Your secondary focus should be on getting information from potential inventors. Use this time to ask them what they would want to see in ~6 months time that would convince them to invest. Ask what industry trends in their silo of healthcare are particularly interesting to them. Be there to learn.

If you ask for money, you get advice. If you ask for advice, you get money. This saying is even more true at JPM.

JPM is a well-known deal crucible

JPM is a well-known deal crucible. Yet we’ve found that founders often have mixed feelings about the utility of JPM for business development.

Those who feel disappointed often have a flawed perspective. Deals don’t actually happen at JPM. Deals take a long time. But the deals that happen 6 months from now happen because of relationships with management that are forged at JPM.

At other conferences you are likely to meet directors or managers of business development from top pharma companies. At JPM, if you navigate the network correctly, you will meet with C-levels or VPs of business development at those key companies. JPM is where you begin to make inroads with the final decision makers.

To make the most of this opportunity you need a biz dev version of your pitch (as previously covered), but you also need to be prepared. Know exactly who you are meeting, who they probably already met with, and what their background is.

If you are coming to JPM with a biz dev focus, you need to be a hustler. You should realize that you, as a seed stage startup, are probably their fiftieth meeting of the day.
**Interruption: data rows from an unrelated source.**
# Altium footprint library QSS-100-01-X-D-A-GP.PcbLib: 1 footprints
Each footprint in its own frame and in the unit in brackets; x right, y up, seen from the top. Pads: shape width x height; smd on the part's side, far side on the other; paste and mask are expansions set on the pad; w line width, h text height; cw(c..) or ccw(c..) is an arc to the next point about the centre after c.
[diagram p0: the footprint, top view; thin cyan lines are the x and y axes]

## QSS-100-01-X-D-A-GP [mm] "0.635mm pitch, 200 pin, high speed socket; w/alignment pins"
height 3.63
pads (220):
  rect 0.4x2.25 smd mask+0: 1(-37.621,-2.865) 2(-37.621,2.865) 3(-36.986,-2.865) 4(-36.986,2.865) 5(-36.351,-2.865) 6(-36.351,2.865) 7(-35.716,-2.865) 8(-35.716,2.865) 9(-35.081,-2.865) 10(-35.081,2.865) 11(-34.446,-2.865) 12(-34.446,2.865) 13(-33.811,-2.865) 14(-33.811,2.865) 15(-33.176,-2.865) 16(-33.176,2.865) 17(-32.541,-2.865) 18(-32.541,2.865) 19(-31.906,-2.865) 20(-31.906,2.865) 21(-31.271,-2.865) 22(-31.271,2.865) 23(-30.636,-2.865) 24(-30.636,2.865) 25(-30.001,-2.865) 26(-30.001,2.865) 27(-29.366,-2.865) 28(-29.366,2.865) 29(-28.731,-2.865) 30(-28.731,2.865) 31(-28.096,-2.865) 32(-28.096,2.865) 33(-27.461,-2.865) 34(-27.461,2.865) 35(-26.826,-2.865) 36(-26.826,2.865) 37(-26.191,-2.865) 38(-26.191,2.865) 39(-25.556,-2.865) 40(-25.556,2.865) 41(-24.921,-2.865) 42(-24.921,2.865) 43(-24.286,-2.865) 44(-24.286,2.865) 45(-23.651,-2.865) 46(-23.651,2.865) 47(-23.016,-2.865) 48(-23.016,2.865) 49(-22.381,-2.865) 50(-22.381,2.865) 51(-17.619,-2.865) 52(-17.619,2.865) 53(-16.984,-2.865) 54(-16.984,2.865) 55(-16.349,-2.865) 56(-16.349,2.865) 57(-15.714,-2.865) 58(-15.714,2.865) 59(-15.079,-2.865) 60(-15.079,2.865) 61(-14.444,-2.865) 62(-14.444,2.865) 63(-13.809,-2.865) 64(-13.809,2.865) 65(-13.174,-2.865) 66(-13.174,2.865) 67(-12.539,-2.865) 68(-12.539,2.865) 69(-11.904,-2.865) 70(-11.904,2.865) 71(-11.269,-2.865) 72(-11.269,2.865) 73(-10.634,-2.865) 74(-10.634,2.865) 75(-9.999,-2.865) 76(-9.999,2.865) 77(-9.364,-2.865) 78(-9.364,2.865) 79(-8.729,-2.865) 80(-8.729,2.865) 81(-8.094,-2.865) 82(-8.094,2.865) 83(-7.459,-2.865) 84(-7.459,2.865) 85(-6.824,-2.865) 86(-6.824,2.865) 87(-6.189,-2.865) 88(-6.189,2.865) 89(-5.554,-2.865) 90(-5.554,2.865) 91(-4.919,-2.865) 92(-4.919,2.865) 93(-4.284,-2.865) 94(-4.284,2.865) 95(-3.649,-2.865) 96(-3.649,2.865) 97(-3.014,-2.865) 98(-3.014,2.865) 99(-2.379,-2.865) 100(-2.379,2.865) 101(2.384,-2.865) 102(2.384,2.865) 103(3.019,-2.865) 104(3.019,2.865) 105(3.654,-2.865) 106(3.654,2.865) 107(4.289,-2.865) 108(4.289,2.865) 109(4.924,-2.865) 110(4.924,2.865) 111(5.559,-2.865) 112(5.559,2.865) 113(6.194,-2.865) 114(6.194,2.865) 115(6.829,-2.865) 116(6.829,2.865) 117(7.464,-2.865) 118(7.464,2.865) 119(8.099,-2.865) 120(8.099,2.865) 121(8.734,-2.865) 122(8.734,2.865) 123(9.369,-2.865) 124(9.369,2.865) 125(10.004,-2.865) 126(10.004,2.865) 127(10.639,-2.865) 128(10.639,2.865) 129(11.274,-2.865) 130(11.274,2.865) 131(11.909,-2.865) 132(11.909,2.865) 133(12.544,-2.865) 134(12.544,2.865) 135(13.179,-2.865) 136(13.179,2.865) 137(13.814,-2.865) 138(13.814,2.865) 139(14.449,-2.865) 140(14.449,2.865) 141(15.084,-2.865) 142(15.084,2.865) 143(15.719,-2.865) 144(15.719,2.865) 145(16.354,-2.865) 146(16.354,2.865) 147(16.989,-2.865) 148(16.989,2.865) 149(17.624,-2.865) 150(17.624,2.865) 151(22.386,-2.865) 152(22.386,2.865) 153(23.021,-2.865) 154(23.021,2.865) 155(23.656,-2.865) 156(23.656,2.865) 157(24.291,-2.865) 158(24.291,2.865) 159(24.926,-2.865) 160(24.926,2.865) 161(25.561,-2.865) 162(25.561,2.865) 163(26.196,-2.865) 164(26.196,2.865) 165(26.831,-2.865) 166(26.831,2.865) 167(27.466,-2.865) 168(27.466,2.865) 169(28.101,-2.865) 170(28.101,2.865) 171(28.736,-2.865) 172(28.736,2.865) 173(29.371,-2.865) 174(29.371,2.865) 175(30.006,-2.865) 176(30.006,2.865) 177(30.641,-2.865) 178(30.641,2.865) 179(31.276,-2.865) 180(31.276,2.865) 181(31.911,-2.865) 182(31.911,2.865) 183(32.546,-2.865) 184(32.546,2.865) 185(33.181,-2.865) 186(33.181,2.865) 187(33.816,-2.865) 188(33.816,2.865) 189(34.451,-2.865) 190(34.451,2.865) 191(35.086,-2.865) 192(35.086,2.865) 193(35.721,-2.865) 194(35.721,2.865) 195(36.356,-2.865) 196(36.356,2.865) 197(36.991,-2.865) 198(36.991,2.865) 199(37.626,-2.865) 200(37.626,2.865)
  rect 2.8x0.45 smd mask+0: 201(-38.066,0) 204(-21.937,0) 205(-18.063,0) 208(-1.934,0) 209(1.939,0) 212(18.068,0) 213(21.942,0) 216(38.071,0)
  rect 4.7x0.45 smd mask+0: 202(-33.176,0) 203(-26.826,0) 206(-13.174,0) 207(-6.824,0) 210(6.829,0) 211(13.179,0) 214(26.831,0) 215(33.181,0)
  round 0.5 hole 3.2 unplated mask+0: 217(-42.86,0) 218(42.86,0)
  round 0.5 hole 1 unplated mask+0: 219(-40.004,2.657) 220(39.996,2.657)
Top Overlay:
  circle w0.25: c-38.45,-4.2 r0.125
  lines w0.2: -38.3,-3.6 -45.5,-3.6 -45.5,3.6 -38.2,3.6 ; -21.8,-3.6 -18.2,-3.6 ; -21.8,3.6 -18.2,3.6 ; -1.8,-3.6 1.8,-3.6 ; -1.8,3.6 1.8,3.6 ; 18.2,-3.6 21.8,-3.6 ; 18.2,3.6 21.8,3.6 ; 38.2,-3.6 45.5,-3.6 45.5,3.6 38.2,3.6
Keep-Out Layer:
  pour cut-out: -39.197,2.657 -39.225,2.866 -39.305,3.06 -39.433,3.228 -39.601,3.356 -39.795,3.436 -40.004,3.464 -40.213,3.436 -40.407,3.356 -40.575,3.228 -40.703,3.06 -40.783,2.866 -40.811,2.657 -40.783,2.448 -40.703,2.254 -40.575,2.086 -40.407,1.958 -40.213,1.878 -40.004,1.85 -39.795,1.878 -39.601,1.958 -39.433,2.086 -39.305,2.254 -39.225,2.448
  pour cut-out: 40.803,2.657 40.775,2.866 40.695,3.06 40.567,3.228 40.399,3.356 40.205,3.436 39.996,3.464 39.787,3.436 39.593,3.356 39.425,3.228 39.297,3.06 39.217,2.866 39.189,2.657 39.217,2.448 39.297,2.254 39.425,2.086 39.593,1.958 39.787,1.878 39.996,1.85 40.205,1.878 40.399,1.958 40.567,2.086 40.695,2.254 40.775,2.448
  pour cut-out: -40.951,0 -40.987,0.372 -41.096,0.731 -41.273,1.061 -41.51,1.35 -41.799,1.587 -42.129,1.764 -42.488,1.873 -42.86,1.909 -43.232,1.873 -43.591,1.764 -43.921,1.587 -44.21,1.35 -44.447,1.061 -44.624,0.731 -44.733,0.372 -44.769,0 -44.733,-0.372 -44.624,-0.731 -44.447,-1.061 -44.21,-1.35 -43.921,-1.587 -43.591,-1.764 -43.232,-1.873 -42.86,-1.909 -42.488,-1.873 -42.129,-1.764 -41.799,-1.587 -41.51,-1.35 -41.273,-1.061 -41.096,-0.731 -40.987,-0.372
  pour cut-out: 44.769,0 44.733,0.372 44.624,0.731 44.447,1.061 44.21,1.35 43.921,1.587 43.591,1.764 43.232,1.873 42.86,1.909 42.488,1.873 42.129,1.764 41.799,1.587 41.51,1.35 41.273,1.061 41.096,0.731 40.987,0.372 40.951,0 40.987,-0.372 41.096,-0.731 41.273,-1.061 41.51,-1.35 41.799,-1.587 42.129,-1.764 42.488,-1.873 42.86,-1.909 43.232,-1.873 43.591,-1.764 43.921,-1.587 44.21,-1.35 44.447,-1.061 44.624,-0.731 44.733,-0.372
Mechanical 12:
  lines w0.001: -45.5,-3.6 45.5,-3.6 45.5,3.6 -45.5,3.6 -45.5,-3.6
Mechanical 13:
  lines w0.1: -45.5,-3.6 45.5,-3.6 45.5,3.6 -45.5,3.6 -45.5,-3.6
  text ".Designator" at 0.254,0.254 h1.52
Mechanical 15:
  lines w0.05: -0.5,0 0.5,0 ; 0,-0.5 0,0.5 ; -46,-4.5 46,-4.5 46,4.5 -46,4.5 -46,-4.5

So be sharp, overprepared, and make every second count.

Best practices for surviving 10 parties per night

Among investors, there is a notion of being “in network.” If an investor sees that you are at a series of events, then it sends a signal that your company is well connected. They will notice.

Being well connected isn’t everything, but it will put you a step ahead. At JPM there are about 10 parties per evening. So be smart about where you want to go, who you want to see, and who you want to see repeatedly. Think about what impression that gives on others in your network.

Do your best to meet people you’re interested in working with in a more social context. For example, if your most important meeting of the week is with Takeda, try to get invited to their reception. But don’t push yourself on people. If an event is full, be gracious and move on.

Finally, the parties are supposed to be fun. But don’t get drunk. It’s a bad look, and you aren’t going to make it through the week if you don’t pace yourself.

Do what you said you were going to do

The most important thing to do after JPM is keep your promises. Schedule time in the week following to hold yourself accountable to promises made in the whirlwind.

During that allotted time, you will send your follow ups, thank yous, and answer questions raised during in-person meetings.

Many people fail to do these basic things. You won’t fail to do this if you document everything you do all week, and note the promises you make, and schedule time to keep them. Keep business cards. Be professional and do everything you are committed to do.

If you do all these things, odds are you’ll do JPM right. It should be fun. It’s a week dedicated to

good science, good ideas, and meeting good people.

It will all pay off in the long run.